Optimisation Control Algorithms work well in a Supervisory System and can be part of the same equipment that handles the Energy, Demand Management and Analytics for Fault Detection and Diagnosis.
Reducing Labour Costs
All the techniques we have discussed above have the effect of reducing cost of Energy by either reducing KwHr consumption or by reducing the cost of that consumption.
Most organisations also experience reduction in the costs of Operating and Maintaining their Buildings Systems and the amount of those cost benefits can be comparable with the Energy Cost Savings.
The biggest benefit comes from drastically reducing the number of visits to site. The information that comes back from the building in many cases allows diagnosis of the problem before anyone has gone to site.
That means we can send the appropriate person with the right skills and hopefully even the relevant components to site and get a first time fix. So many initial visits have been to diagnose the problem with the fix requiring a follow up visit.

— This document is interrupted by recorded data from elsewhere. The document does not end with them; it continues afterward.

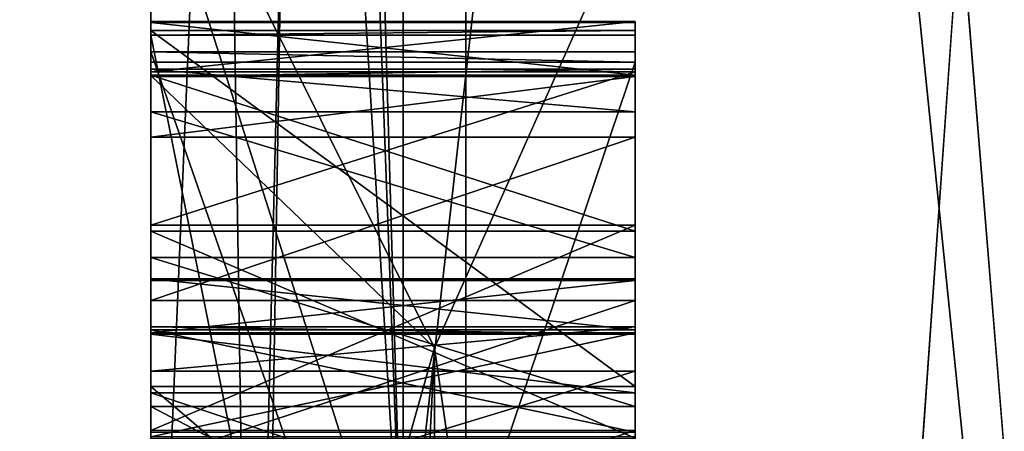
# Model space of a CAD drawing. Header units: millimetres. Extents: x -125 to 171, y -35 to 1363.
# Tile 213 of 656: x 114.9729 to 115.1762, y 16.7653 to 16.8503. Entities that reach past the tile are written whole.
import ezdxf

# ---------------------------------------------------------------- set-up
doc = ezdxf.new("R2010")
doc.units = ezdxf.units.MM
doc.header["$LTSCALE"] = 65.185185
for name, color, linetype in [('128', 7, 'CONTINUOUS'), ('131', 7, 'CONTINUOUS'), ('132', 7, 'CONTINUOUS'), ('135', 7, 'CONTINUOUS'), ('140', 7, 'CONTINUOUS'), ('141', 7, 'CONTINUOUS'), ('150', 7, 'CONTINUOUS'), ('151', 7, 'CONTINUOUS'), ('165', 7, 'CONTINUOUS'), ('166', 7, 'CONTINUOUS'), ('167', 7, 'CONTINUOUS'), ('168', 7, 'CONTINUOUS'), ('169', 7, 'CONTINUOUS'), ('172', 7, 'CONTINUOUS'), ('173', 7, 'CONTINUOUS'), ('174', 7, 'CONTINUOUS'), ('175', 7, 'CONTINUOUS'), ('176', 7, 'CONTINUOUS'), ('177', 7, 'CONTINUOUS'), ('178', 7, 'CONTINUOUS'), ('179', 7, 'CONTINUOUS'), ('2', 7, 'CONTINUOUS'), ('215', 7, 'CONTINUOUS'), ('216', 7, 'CONTINUOUS'), ('217', 7, 'CONTINUOUS'), ('218', 7, 'CONTINUOUS'), ('244', 7, 'CONTINUOUS'), ('245', 7, 'CONTINUOUS'), ('246', 7, 'CONTINUOUS'), ('247', 7, 'CONTINUOUS'), ('248', 7, 'CONTINUOUS'), ('249', 7, 'CONTINUOUS'), ('250', 7, 'CONTINUOUS'), ('251', 7, 'CONTINUOUS'), ('272', 7, 'CONTINUOUS'), ('273', 7, 'CONTINUOUS'), ('285', 7, 'CONTINUOUS'), ('286', 7, 'CONTINUOUS'), ('287', 7, 'CONTINUOUS'), ('3', 7, 'CONTINUOUS'), ('68', 7, 'CONTINUOUS'), ('681', 7, 'CONTINUOUS'), ('683', 7, 'CONTINUOUS'), ('685', 7, 'CONTINUOUS'), ('689', 7, 'CONTINUOUS')]:
    doc.layers.add(name, color=color, linetype=linetype)

msp = doc.modelspace()

# ---------------------------------------------------------------- linework, layer by layer
at = {"layer": '128', "linetype": 'CONTINUOUS'}
for points in [[(115, 16.9, 0), (115, 16.57504, -3.29821), (115, 16.84146, -0.53795), (115, 16.9, 0)], [(115, 16.9, 0), (115, 16.84146, -0.53795), (115, 16.84361, -0.47548), (115, 16.9, 0)], [(115, 16.9, 0), (115, 16.84361, -0.47548), (115, 16.84967, -0.10671), (115, 16.9, 0)], [(115, 16.76547, 0.0708), (115, 16.9, 0), (115, 16.80787, 0.03933), (115, 16.76547, 0.0708)], [(115, 16.9, 0), (115, 16.76547, 0.0708), (115, 16.68943, 0.1927), (115, 16.9, 0)], [(115, 16.80787, 0.03933), (115, 16.9, 0), (115, 16.83951, -0.01291), (115, 16.80787, 0.03933)], [(115, 16.83951, -0.01291), (115, 16.9, 0), (115, 16.84989, -0.06505), (115, 16.83951, -0.01291)], [(115, 16.84989, -0.06505), (115, 16.9, 0), (115, 16.84967, -0.10671), (115, 16.84989, -0.06505)], [(115, 16.84707, 0.32013), (115, 16.9, 0), (115, 16.84803, 0.25764), (115, 16.84707, 0.32013)], [(115, 16.9, 0), (115, 16.84707, 0.32013), (115, 16.83125, 0.5278), (115, 16.9, 0)], [(115, 16.84803, 0.25764), (115, 16.9, 0), (115, 16.77453, 0.194), (115, 16.84803, 0.25764)], [(115, 16.77453, 0.194), (115, 16.9, 0), (115, 16.68943, 0.1927), (115, 16.77453, 0.194)], [(115, 16.83853, 0.62186), (115, 16.9, 0), (115, 16.84002, 0.58022), (115, 16.83853, 0.62186)], [(115, 16.84002, 0.58022), (115, 16.9, 0), (115, 16.83125, 0.5278), (115, 16.84002, 0.58022)], [(115, 16.9, 0), (115, 16.83853, 0.62186), (115, 16.83873, 0.62188), (115, 16.9, 0)], [(115, 16.84967, -0.10671), (115, 16.84361, -0.47548), (115, 16.83877, -0.15874), (115, 16.84967, -0.10671)], [(115, 16.84707, 0.32013), (115, 16.34713, 0.31248), (115, 16.47386, 0.40038), (115, 16.84707, 0.32013)], [(115, 16.50576, 0.40152), (115, 16.84707, 0.32013), (115, 16.47386, 0.40038), (115, 16.50576, 0.40152)], [(115, 16.84707, 0.32013), (115, 16.50576, 0.40152), (115, 16.68612, 0.41838), (115, 16.84707, 0.32013)], [(115, 16.83125, 0.5278), (115, 16.84707, 0.32013), (115, 16.80121, 0.47461), (115, 16.83125, 0.5278)], [(115, 16.80121, 0.47461), (115, 16.84707, 0.32013), (115, 16.77043, 0.44224), (115, 16.80121, 0.47461)], [(115, 16.77043, 0.44224), (115, 16.84707, 0.32013), (115, 16.71802, 0.41952), (115, 16.77043, 0.44224)], [(115, 16.71802, 0.41952), (115, 16.84707, 0.32013), (115, 16.68612, 0.41838), (115, 16.71802, 0.41952)], [(115, 16.55655, -0.4656), (115, 16.56013, -0.3615), (115, 16.84361, -0.47548), (115, 16.55655, -0.4656)], [(115, 16.84361, -0.47548), (115, 16.56013, -0.3615), (115, 16.63606, -0.27229), (115, 16.84361, -0.47548)], [(115, 16.83877, -0.15874), (115, 16.84361, -0.47548), (115, 16.80659, -0.21066), (115, 16.83877, -0.15874)], [(115, 16.80659, -0.21066), (115, 16.84361, -0.47548), (115, 16.76388, -0.2417), (115, 16.80659, -0.21066)], [(115, 16.76388, -0.2417), (115, 16.84361, -0.47548), (115, 16.71058, -0.26226), (115, 16.76388, -0.2417)], [(115, 16.71058, -0.26226), (115, 16.84361, -0.47548), (115, 16.63606, -0.27229), (115, 16.71058, -0.26226)], [(115, 16.84146, -0.53795), (115, 16.57504, -3.29821), (115, 16.5458, -0.77792), (115, 16.84146, -0.53795)], [(115, 16.57504, 3.29821), (115, 16.83873, 0.62188), (115, 16.83853, 0.62186), (115, 16.57504, 3.29821)], [(115, 16.82604, 0.67354), (115, 16.57504, 3.29821), (115, 16.83853, 0.62186), (115, 16.82604, 0.67354)], [(115, 15.97954, 3.17967), (115, 16.57504, 3.29821), (115, 16.82604, 0.67354), (115, 15.97954, 3.17967)], [(115, 16.79229, 0.72445), (115, 15.97954, 3.17967), (115, 16.82604, 0.67354), (115, 16.79229, 0.72445)], [(115, 16.66883, -0.10579), (115, 16.66909, -0.05371), (115, 16.79675, -0.05436), (115, 16.66883, -0.10579)], [(115, 16.79675, -0.05436), (115, 16.66909, -0.05371), (115, 16.78627, -0.02306), (115, 16.79675, -0.05436)], [(115, 16.79643, -0.11686), (115, 16.66883, -0.10579), (115, 16.79675, -0.05436), (115, 16.79643, -0.11686)], [(115, 16.78563, -0.14806), (115, 16.66883, -0.10579), (115, 16.79643, -0.11686), (115, 16.78563, -0.14806)], [(115, 16.75928, 0.75454), (115, 15.97954, 3.17967), (115, 16.79229, 0.72445), (115, 16.75928, 0.75454)], [(115, 16.66909, -0.05371), (115, 16.65872, -0.00157), (115, 16.78627, -0.02306), (115, 16.66909, -0.05371)], [(115, 16.78627, -0.02306), (115, 16.65872, -0.00157), (115, 16.76515, 0.0083), (115, 16.78627, -0.02306)], [(115, 16.65792, -0.15782), (115, 16.66883, -0.10579), (115, 16.78563, -0.14806), (115, 16.65792, -0.15782)], [(115, 16.7642, -0.1792), (115, 16.65792, -0.15782), (115, 16.78563, -0.14806), (115, 16.7642, -0.1792)], [(115, 16.76547, 0.0708), (115, 16.73361, 0.08138), (115, 16.68943, 0.1927), (115, 16.76547, 0.0708)]]:
    msp.add_3dface(points, dxfattribs=at)
at = {"layer": '131', "linetype": 'CONTINUOUS'}
for points in [[(115, 15.32351, -12.66878), (115, 18.9108, -6.13917), (115.06504, 19.04759, -6.19583), (115, 15.32351, -12.66878)], [(115.06504, 15.42833, -12.77363), (115, 15.32351, -12.66878), (115.06504, 19.04759, -6.19583), (115.06504, 15.42833, -12.77363)], [(115.21787, 17.59196, -9.68461), (115.06504, 15.42833, -12.77363), (115.06504, 19.04759, -6.19583), (115.21787, 17.59196, -9.68461)], [(115.21787, 16.24944, 11.79934), (115.21787, 18.17305, 8.54453), (115.06504, 18.12532, 8.52478), (115.21787, 16.24944, 11.79934)], [(115.06504, 18.12532, 8.52478), (115, 17.9888, 8.46823), (115.06504, 13.71336, 14.59941), (115.06504, 18.12532, 8.52478)], [(115.21787, 16.24944, 11.79934), (115.06504, 18.12532, 8.52478), (115.06504, 13.71336, 14.59941), (115.21787, 16.24944, 11.79934)], [(115, 17.9888, 8.46823), (115, 13.60891, 14.49501), (115.06504, 13.71336, 14.59941), (115, 17.9888, 8.46823)], [(115.21787, 17.59196, -9.68461), (115.21787, 15.46496, -12.81029), (115.06504, 15.42833, -12.77363), (115.21787, 17.59196, -9.68461)]]:
    msp.add_3dface(points, dxfattribs=at)
at = {"layer": '132', "linetype": 'CONTINUOUS'}
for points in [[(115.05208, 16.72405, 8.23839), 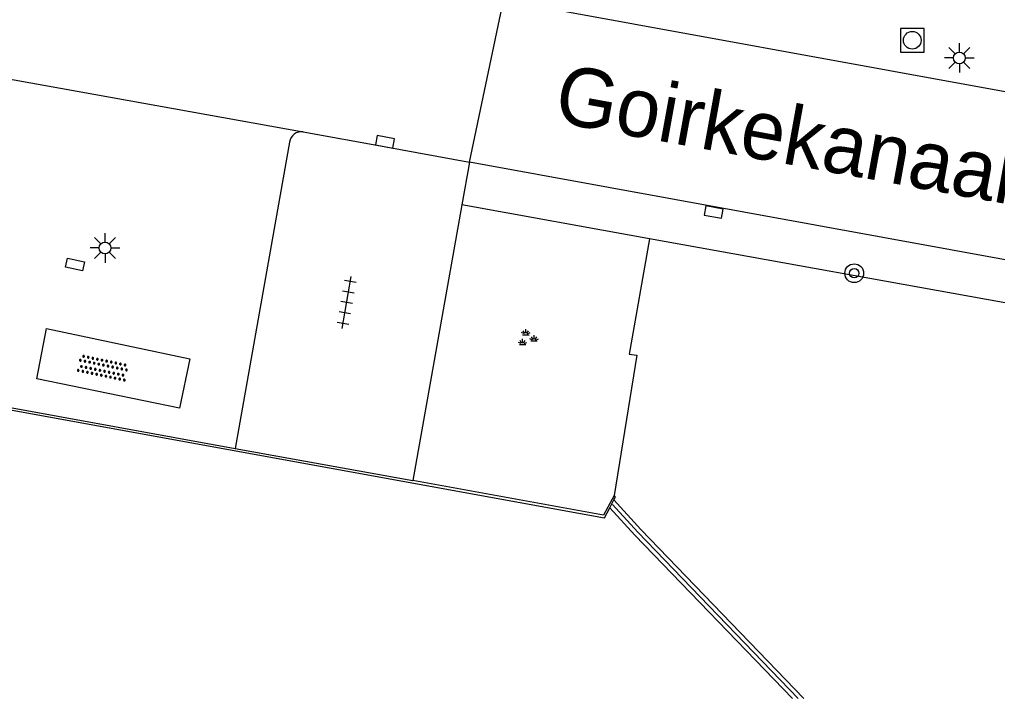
# Model space of a CAD drawing. Extents: x 130998 to 133001, y 398999 to 403002.
# Drawn here: x 132291.02 to 132332.56, y 399000 to 399028.83 of the extents above; entities that cross this region are included whole.
import ezdxf

# ---------------------------------------------------------------- set-up
doc = ezdxf.new("R2010")
doc.units = 0
for name, color, linetype in [('gg-afsc-muur', 7, 'Continuous'), ('gg-anno-openbare ruimte label', 7, 'Continuous'), ('gg-knt-verharding', 7, 'Continuous'), ('gg-knt-verharding nz', 7, 'Continuous'), ('gg-kntw-kademuur', 7, 'Continuous'), ('gt-grn-groengrens', 7, 'Continuous'), ('gt-grn-weggrens', 7, 'Continuous'), ('gt-symb-boom', 7, 'Continuous'), ('gt-symb-groenvak', 7, 'Continuous'), ('gt-symb-kolk', 7, 'Continuous'), ('gt-symb-kolk center center', 7, 'Continuous'), ('gt-symb-lichtmast', 7, 'Continuous'), ('gt-symb-overige verharding', 7, 'Continuous'), ('gt-symb-rioolschacht', 7, 'Continuous'), ('gt-symb-tegel verharding', 7, 'Continuous'), ('gx-grn-maaiveld', 7, 'Continuous')]:
    doc.layers.add(name, color=color, linetype=linetype)

# ---------------------------------------------------------------- blocks, each defined once
blk = doc.blocks.new('gt0-RS')
at = {"layer": 'gt-symb-rioolschacht'}
blk.add_lwpolyline([(-0.5, -0.5), (0.5, -0.5), (0.5, 0.5), (-0.5, 0.5)], close=True, dxfattribs=at)
blk.add_circle((0, 0), 0.375, dxfattribs=at)
blk = doc.blocks.new('gt0-LMAST')
at = {"layer": 'gt-symb-lichtmast'}
for p, q in [((-0.182, 0.173), (-0.447, 0.438)), ((-0.005, 0.246), (-0.005, 0.621)), ((0.172, 0.173), (0.437, 0.438)), ((-0.255, -0.004), (-0.63, -0.004)), ((-0.182, -0.181), (-0.447, -0.446)), ((-0.005, -0.254), (-0.005, -0.629)), ((0.437, -0.446), (0.172, -0.181)), ((0.245, -0.004), (0.62, -0.004))]:
    blk.add_line(p, q, dxfattribs=at)
blk.add_circle((-0.005, -0.004), 0.25, dxfattribs=at)
blk = doc.blocks.new('gt0-TEG1')
at = {"layer": 'gt-symb-tegel verharding'}
for p, q in [((-1.125, 0), (1.125, 0)), ((-0.9, -0.25), (-0.9, 0.25)), ((-0.45, -0.25), (-0.45, 0.25)), ((0, -0.25), (0, 0.25)), ((0.45, -0.25), (0.45, 0.25)), ((0.9, -0.25), (0.9, 0.25))]:
    blk.add_line(p, q, dxfattribs=at)
blk = doc.blocks.new('gt0-KOLK')
at = {"layer": 'gt-symb-kolk'}
blk.add_lwpolyline([(0, 0), (0.375, 0), (0.375, 0.4), (-0.375, 0.4), (-0.375, 0), (0, 0)], dxfattribs=at)
blk = doc.blocks.new('gt0-GRVAK')
at = {"layer": 'gt-symb-groenvak'}
for p, q in [((-0.11, 0.189), (-0.228, 0.24)), ((-0.182, 0.153), (0.088, 0.153)), ((-0.091, 0.211), (-0.156, 0.322)), ((-0.047, 0.214), (-0.047, 0.393)), ((-0.004, 0.211), (0.061, 0.322)), ((0.015, 0.189), (0.133, 0.24)), ((0.262, -0.052), (0.197, 0.059)), ((0.305, -0.049), (0.305, 0.13)), ((0.349, -0.052), (0.414, 0.059)), ((-0.245, -0.228), (-0.363, -0.177)), ((-0.318, -0.264), (-0.047, -0.264)), ((-0.226, -0.206), (-0.291, -0.095)), ((-0.183, -0.203), (-0.183, -0.024)), ((-0.139, -0.206), (-0.074, -0.095)), ((-0.12, -0.228), (-0.002, -0.177)), ((0.243, -0.074), (0.125, -0.023)), ((0.17, -0.11), (0.441, -0.11)), ((0.368, -0.074), (0.486, -0.023))]:
    blk.add_line(p, q, dxfattribs=at)
blk = doc.blocks.new('gt0-OVH')
at = {"layer": 'gt-symb-overige verharding'}
for points in [[(-0.972, 0.298), (-0.967, 0.308), (-0.965, 0.319), (-0.966, 0.33), (-0.971, 0.34), (-0.978, 0.348), (-0.988, 0.353), (-0.999, 0.355), (-1.01, 0.354), (-1.02, 0.349), (-1.028, 0.342), (-1.033, 0.332), (-1.035, 0.321), (-1.034, 0.31), (-1.029, 0.3), (-1.022, 0.292), (-1.012, 0.287), (-1.001, 0.285), (-0.99, 0.286), (-0.98, 0.291)], [(-0.872, 0.106), (-0.867, 0.116), (-0.865, 0.126), (-0.866, 0.137), (-0.871, 0.147), (-0.878, 0.156), (-0.888, 0.161), (-0.899, 0.163), (-0.91, 0.162), (-0.92, 0.157), (-0.928, 0.15), (-0.933, 0.14), (-0.935, 0.129), (-0.934, 0.118), (-0.929, 0.108), (-0.922, 0.1), (-0.912, 0.095), (-0.901, 0.092), (-0.89, 0.094), (-0.88, 0.098)], [(-0.772, 0.298), (-0.767, 0.308), (-0.765, 0.319), (-0.766, 0.33), (-0.771, 0.34), (-0.778, 0.348), (-0.788, 0.353), (-0.799, 0.355), (-0.81, 0.354), (-0.82, 0.349), (-0.828, 0.342), (-0.833, 0.332), (-0.835, 0.321), (-0.834, 0.31), (-0.829, 0.3), (-0.822, 0.292), (-0.812, 0.287), (-0.801, 0.285), (-0.79, 0.286), (-0.78, 0.291)], [(-0.672, 0.106), (-0.667, 0.116), (-0.665, 0.126), (-0.666, 0.137), (-0.671, 0.147), (-0.678, 0.156), (-0.688, 0.161), (-0.699, 0.163), (-0.71, 0.162), (-0.72, 0.157), (-0.728, 0.15), (-0.733, 0.14), (-0.735, 0.129), (-0.734, 0.118), (-0.729, 0.108), (-0.722, 0.1), (-0.712, 0.095), (-0.701, 0.092), (-0.69, 0.094), (-0.68, 0.098)], [(-0.572, 0.298), (-0.567, 0.308), (-0.565, 0.319), (-0.566, 0.33), (-0.571, 0.34), (-0.578, 0.348), (-0.588, 0.353), (-0.599, 0.355), (-0.61, 0.354), (-0.62, 0.349), (-0.628, 0.342), (-0.633, 0.332), (-0.635, 0.321), (-0.634, 0.31), (-0.629, 0.3), (-0.622, 0.292), (-0.612, 0.287), (-0.601, 0.285), (-0.59, 0.286), (-0.58, 0.291)], [(-0.472, 0.106), (-0.467, 0.116), (-0.465, 0.126), (-0.466, 0.137), (-0.471, 0.147), (-0.478, 0.156), (-0.488, 0.161), (-0.499, 0.163), (-0.51, 0.162), (-0.52, 0.157), (-0.528, 0.15), (-0.533, 0.14), (-0.535, 0.129), (-0.534, 0.118), (-0.529, 0.108), (-0.522, 0.1), (-0.512, 0.095), (-0.501, 0.092), (-0.49, 0.094), (-0.48, 0.098)], [(-0.372, 0.298), (-0.367, 0.308), (-0.365, 0.319), (-0.366, 0.33), (-0.371, 0.34), (-0.378, 0.348), (-0.388, 0.353), (-0.399, 0.355), (-0.41, 0.354), (-0.42, 0.349), (-0.428, 0.342), (-0.433, 0.332), (-0.435, 0.321), (-0.434, 0.31), (-0.429, 0.3), (-0.422, 0.292), (-0.412, 0.287), (-0.401, 0.285), (-0.39, 0.286), (-0.38, 0.291)], [(-0.272, 0.106), (-0.267, 0.116), (-0.265, 0.126), (-0.266, 0.137), (-0.271, 0.147), (-0.278, 0.156), (-0.288, 0.161), (-0.299, 0.163), (-0.31, 0.162), (-0.32, 0.157), (-0.328, 0.15), (-0.333, 0.14), (-0.335, 0.129), (-0.334, 0.118), (-0.329, 0.108), (-0.322, 0.1), (-0.312, 0.095), (-0.301, 0.092), (-0.29, 0.094), (-0.28, 0.098)], [(-0.172, 0.298), (-0.167, 0.308), (-0.165, 0.319), (-0.166, 0.33), (-0.171, 0.34), (-0.178, 0.348), (-0.188, 0.353), (-0.199, 0.355), (-0.21, 0.354), (-0.22, 0.349), (-0.228, 0.342), (-0.233, 0.332), (-0.235, 0.321), (-0.234, 0.31), (-0.229, 0.3), (-0.222, 0.292), (-0.212, 0.287), (-0.201, 0.285), (-0.19, 0.286), (-0.18, 0.291)], [(-0.072, 0.106), (-0.067, 0.116), (-0.065, 0.126), (-0.066, 0.137), (-0.071, 0.147), (-0.078, 0.156), (-0.088, 0.161), (-0.099, 0.163), (-0.11, 0.162), (-0.12, 0.157), (-0.128, 0.15), (-0.133, 0.14), (-0.135, 0.129), (-0.134, 0.118), (-0.129, 0.108), (-0.122, 0.1), (-0.112, 0.095), (-0.101, 0.092), (-0.09, 0.094), (-0.08, 0.098)], [(0.028, 0.298), (0.033, 0.308), (0.035, 0.319), (0.034, 0.33), (0.029, 0.34), (0.022, 0.348), (0.012, 0.353), (0.001, 0.355), (-0.01, 0.354), (-0.02, 0.349), (-0.028, 0.342), (-0.033, 0.332), (-0.035, 0.321), (-0.034, 0.31), (-0.029, 0.3), (-0.022, 0.292), (-0.012, 0.287), (-0.001, 0.285), (0.01, 0.286), (0.02, 0.291)], [(0.128, 0.106), (0.133, 0.116), (0.135, 0.126), (0.134, 0.137), (0.129, 0.147), (0.122, 0.156), (0.112, 0.161), (0.101, 0.163), (0.09, 0.162), (0.08, 0.157), (0.072, 0.15), (0.067, 0.14), (0.065, 0.129), (0.066, 0.118), (0.071, 0.108), (0.078, 0.1), (0.088, 0.095), (0.099, 0.092), (0.11, 0.094), (0.12, 0.098)], [(0.228, 0.298), (0.233, 0.308), (0.235, 0.319), (0.234, 0.33), (0.229, 0.34), (0.222, 0.348), (0.212, 0.353), (0.201, 0.355), (0.19, 0.354), (0.18, 0.349), (0.172, 0.342), (0.167, 0.332), (0.165, 0.321), (0.166, 0.31), (0.171, 0.3), (0.178, 0.292), (0.188, 0.287), (0.199, 0.285), (0.21, 0.286), (0.22, 0.291)], [(0.328, 0.106), (0.333, 0.116), (0.335, 0.126), (0.334, 0.137), (0.329, 0.147), (0.322, 0.156), (0.312, 0.161), (0.301, 0.163), (0.29, 0.162), (0.28, 0.157), (0.272, 0.15), (0.267, 0.14), (0.265, 0.129), (0.266, 0.118), (0.271, 0.108), (0.278, 0.1), (0.288, 0.095), (0.299, 0.092), (0.31, 0.094), (0.32, 0.098)], [(0.428, 0.298), (0.433, 0.308), (0.435, 0.319), (0.434, 0.33), (0.429, 0.34), (0.422, 0.348), (0.412, 0.353), (0.401, 0.355), (0.39, 0.354), (0.38, 0.349), (0.372, 0.342), (0.367, 0.332), (0.365, 0.321), (0.366, 0.31), (0.371, 0.3), (0.378, 0.292), (0.388, 0.287), (0.399, 0.285), (0.41, 0.286), (0.42, 0.291)], [(0.528, 0.106), (0.533, 0.116), (0.535, 0.126), (0.534, 0.137), (0.529, 0.147), (0.522, 0.156), (0.512, 0.161), (0.501, 0.163), (0.49, 0.162), (0.48, 0.157), (0.472, 0.15), (0.467, 0.14), (0.465, 0.129), (0.466, 0.118), (0.471, 0.108), (0.478, 0.1), (0.488, 0.095), (0.499, 0.092), (0.51, 0.094), (0.52, 0.098)], [(0.628, 0.298), (0.633, 0.308), (0.635, 0.319), (0.634, 0.33), (0.629, 0.34), (0.622, 0.348), (0.612, 0.353), (0.601, 0.355), (0.59, 0.354), (0.58, 0.349), (0.572, 0.342), (0.567, 0.332), (0.565, 0.321), (0.566, 0.31), (0.571, 0.3), (0.578, 0.292), (0.588, 0.287), (0.599, 0.285), (0.61, 0.286), (0.62, 0.291)], [(0.728, 0.106), (0.733, 0.116), (0.735, 0.126), (0.734, 0.137), (0.729, 0.147), (0.722, 0.156), (0.712, 0.161), (0.701, 0.163), (0.69, 0.162), (0.68, 0.157), (0.672, 0.15), (0.667, 0.14), (0.665, 0.129), (0.666, 0.118), (0.671, 0.108), (0.678, 0.1), (0.688, 0.095), (0.699, 0.092), (0.71, 0.094), (0.72, 0.098)], [(0.828, 0.298), (0.833, 0.308), (0.835, 0.319), (0.834, 0.33), (0.829, 0.34), (0.822, 0.348), (0.812, 0.353), (0.801, 0.355), (0.79, 0.354), (0.78, 0.349), (0.772, 0.342), (0.767, 0.332), (0.765, 0.321), (0.766, 0.31), (0.771, 0.3), (0.778, 0.292), (0.788, 0.287), (0.799, 0.285), (0.81, 0.286), (0.82, 0.291)], [(0.928, 0.106), (0.933, 0.116), (0.935, 0.126), (0.934, 0.137), (0.929, 0.147), (0.922, 0.156), (0.912, 0.161), (0.901, 0.163), (0.89, 0.162), (0.88, 0.157), (0.872, 0.15), (0.867, 0.14), (0.865, 0.129), (0.866, 0.118), (0.871, 0.108), (0.878, 0.1), (0.888, 0.095), (0.899, 0.092), (0.91, 0.094), (0.92, 0.098)], [(1.028, 0.298), (1.033, 0.308), (1.035, 0.319), (1.034, 0.33), (1.029, 0.34), (1.022, 0.348), (1.012, 0.353), (1.001, 0.355), (0.99, 0.354), (0.98, 0.349), (0.972, 0.342), (0.967, 0.332), (0.965, 0.321), (0.966, 0.31), (0.971, 0.3), (0.978, 0.292), (0.988, 0.287), (0.999, 0.285), (1.01, 0.286), (1.02, 0.291)], [(-0.972, -0.142), (-0.967, -0.132), (-0.965, -0.121), (-0.966, -0.11), (-0.971, -0.1), (-0.978, -0.092), (-0.988, -0.087), (-0.999, -0.085), (-1.01, -0.086), (-1.02, -0.091), (-1.028, -0.098), (-1.033, -0.108), (-1.035, -0.119), (-1.034, -0.13), (-1.029, -0.14), (-1.022, -0.148), (-1.012, -0.153), (-1.001, -0.155), (-0.99, -0.154), (-0.98, -0.149)], [(-0.872, -0.334), (-0.867, -0.324), (-0.865, -0.314), (-0.866, -0.303), (-0.871, -0.293), (-0.878, -0.284), (-0.888, -0.279), (-0.899, -0.277), (-0.91, -0.278), (-0.92, -0.283), (-0.928, -0.29), (-0.933, -0.3), (-0.935, -0.311), (-0.934, -0.322), (-0.929, -0.332), (-0.922, -0.34), (-0.912, -0.345), (-0.901, -0.348), (-0.89, -0.346), (-0.88, -0.342)], [(-0.772, -0.142), (-0.767, -0.132), (-0.765, -0.121), (-0.766, -0.11), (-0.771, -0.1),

Sometimes there is no actual problem or it is one that can be resolved remotely, using the Connected Building capabilities and so avoiding any site visits.
Problems that are detected can be ranked how important they are to get fixed – by criticality and cost of wastage, and less severe issues can wait to be grouped together rather than needing an immediate fix.
The other way that better information helps us is through Condition Based Maintenance. That way plant is serviced when needed either through hours run or because performance has deteriorated. This also improves Service costs by reducing visits. The flip side of the improved Service is that Customers experience better quality of service with reduced down time and shorter time to fix. In some Critical Applications this improved up time creates the greatest value for these Smart Services.
The Internet of Things is bringing great opportunity to operate ‘Things’ more efficiently and effectively by bringing the Infrastructure of Connectivity with Big Data, Cloud and Analytics.
With the Building Internet of Things there are some very specific Applications that we can use that bring particular value to the Built Environment.
Specifically we can;
- Measure Energy use and analyse energy savings
- Use Analytics for Fault Detection and Diagnosis to find the things that are set up or operating inefficiently
- Link Buildings to the Smart Grid and achieve cost savings through Automatic Demand Response and Dynamic Pricing,
- Work with Renewables and be part of a Micro Grid
- Improve and Optimise the Control Systems.
- Reduce Operation and Maintenance costs by reducing Site visits through better understanding of what’s happening in the building.
These improvements, Applications and benefits can provide significant improvements in Building Efficiency and provide short payback and large returns. Implementation does require a change in the way the Buildings are Operated and Maintained. Problems and faults detected need to be fixed, not ignored.
Maintenance procedures and processes need to change to make use of the information available to reduce site visits. Companies performing Building Operations and Maintenance will need to adapt and change to this new way of working.
What today is a great opportunity for those who embrace these new ways, will equally become a threat to those who believe that business will continue as before.